- Task to carry out -
Look for "import" in the records and copy every line that has it.

[Items listed in a dataset]

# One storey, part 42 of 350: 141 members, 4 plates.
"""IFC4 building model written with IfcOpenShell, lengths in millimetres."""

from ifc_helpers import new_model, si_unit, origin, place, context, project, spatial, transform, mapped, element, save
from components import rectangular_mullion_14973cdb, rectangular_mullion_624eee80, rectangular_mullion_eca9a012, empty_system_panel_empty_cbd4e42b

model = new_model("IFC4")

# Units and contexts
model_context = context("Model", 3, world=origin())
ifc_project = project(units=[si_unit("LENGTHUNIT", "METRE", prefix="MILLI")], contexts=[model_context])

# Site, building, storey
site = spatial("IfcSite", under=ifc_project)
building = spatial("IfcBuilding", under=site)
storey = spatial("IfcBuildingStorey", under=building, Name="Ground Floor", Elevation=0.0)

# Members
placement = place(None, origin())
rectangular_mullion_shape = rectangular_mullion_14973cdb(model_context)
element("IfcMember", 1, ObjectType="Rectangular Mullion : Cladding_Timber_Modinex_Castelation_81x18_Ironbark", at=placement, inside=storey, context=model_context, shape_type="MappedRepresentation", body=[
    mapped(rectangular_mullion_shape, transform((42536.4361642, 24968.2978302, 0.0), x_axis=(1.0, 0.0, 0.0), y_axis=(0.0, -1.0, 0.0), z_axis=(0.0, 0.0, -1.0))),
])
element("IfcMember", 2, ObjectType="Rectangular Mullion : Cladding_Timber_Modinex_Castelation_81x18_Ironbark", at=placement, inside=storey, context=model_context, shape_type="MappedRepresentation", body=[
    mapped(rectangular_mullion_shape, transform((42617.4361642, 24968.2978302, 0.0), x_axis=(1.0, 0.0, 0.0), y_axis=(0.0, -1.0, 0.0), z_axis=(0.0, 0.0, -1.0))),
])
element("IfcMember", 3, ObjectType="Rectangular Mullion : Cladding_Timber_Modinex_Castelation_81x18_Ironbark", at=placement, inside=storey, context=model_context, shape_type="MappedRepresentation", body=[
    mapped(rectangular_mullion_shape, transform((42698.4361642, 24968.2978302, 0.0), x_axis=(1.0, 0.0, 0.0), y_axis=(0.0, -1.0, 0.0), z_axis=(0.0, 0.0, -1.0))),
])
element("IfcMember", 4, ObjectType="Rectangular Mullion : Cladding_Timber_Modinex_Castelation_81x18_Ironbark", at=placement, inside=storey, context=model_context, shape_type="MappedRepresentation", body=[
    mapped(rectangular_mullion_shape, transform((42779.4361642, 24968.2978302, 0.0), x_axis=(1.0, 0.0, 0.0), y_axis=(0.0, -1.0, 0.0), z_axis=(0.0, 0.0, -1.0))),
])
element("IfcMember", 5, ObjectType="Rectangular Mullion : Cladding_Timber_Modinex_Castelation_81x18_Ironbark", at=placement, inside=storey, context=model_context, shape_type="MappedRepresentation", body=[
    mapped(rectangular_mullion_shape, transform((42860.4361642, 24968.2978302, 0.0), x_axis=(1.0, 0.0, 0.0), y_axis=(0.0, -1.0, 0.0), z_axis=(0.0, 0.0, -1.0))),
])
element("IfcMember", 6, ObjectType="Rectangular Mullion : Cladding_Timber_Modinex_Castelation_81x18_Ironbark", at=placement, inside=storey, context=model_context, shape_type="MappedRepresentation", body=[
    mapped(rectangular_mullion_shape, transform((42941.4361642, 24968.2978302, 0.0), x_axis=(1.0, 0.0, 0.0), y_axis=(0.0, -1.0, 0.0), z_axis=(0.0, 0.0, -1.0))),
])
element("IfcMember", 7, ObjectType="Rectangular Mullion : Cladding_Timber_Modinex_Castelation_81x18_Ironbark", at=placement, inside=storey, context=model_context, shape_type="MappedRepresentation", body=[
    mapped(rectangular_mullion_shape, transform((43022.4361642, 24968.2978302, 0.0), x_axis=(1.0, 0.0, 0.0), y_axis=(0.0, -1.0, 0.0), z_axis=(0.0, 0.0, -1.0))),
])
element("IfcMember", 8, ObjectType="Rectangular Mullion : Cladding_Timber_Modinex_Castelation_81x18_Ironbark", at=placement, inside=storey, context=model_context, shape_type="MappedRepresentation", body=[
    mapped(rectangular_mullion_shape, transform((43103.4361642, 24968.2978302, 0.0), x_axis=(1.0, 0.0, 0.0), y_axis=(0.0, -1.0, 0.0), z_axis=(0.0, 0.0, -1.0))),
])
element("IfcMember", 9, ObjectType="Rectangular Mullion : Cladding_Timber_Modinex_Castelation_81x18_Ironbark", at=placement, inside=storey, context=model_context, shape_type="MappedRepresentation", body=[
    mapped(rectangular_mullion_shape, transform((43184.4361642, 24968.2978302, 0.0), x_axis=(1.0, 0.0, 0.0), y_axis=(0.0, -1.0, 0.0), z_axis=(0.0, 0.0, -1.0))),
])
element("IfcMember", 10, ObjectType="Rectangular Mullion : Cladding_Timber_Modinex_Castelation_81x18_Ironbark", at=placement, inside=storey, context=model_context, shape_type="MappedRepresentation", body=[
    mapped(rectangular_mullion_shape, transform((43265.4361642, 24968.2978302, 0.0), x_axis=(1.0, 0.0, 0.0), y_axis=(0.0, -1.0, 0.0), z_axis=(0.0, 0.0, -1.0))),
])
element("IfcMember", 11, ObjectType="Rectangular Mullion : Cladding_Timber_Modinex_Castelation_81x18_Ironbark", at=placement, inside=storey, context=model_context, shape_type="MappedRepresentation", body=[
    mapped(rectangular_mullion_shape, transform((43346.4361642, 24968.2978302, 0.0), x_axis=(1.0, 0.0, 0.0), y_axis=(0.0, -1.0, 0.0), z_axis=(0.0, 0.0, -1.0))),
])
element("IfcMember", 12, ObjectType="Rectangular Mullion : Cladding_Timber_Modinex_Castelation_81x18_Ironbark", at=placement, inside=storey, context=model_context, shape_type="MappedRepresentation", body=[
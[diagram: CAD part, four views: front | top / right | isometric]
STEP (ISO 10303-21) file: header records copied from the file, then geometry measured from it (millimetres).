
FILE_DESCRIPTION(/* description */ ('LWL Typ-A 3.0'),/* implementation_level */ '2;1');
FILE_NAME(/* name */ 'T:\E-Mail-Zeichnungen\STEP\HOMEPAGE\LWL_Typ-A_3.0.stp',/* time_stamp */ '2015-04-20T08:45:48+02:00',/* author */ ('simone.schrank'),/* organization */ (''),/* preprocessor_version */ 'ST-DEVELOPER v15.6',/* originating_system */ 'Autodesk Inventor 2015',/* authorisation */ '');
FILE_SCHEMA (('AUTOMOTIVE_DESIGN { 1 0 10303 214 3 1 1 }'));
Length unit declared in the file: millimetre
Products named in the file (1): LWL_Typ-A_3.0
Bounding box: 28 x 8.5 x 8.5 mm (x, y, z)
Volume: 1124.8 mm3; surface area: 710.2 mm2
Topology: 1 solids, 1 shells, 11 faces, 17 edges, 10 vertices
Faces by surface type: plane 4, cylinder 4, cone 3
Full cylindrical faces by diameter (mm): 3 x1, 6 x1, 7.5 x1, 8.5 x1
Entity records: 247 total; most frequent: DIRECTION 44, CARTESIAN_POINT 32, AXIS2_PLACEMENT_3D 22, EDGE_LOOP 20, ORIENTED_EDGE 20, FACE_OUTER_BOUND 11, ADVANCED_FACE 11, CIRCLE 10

- Expected output -
from ifc_helpers import new_model, si_unit, origin, place, context, project, spatial, transform, mapped, element, save
from components import rectangular_mullion_14973cdb, rectangular_mullion_624eee80, rectangular_mullion_eca9a012, empty_system_panel_empty_cbd4e42b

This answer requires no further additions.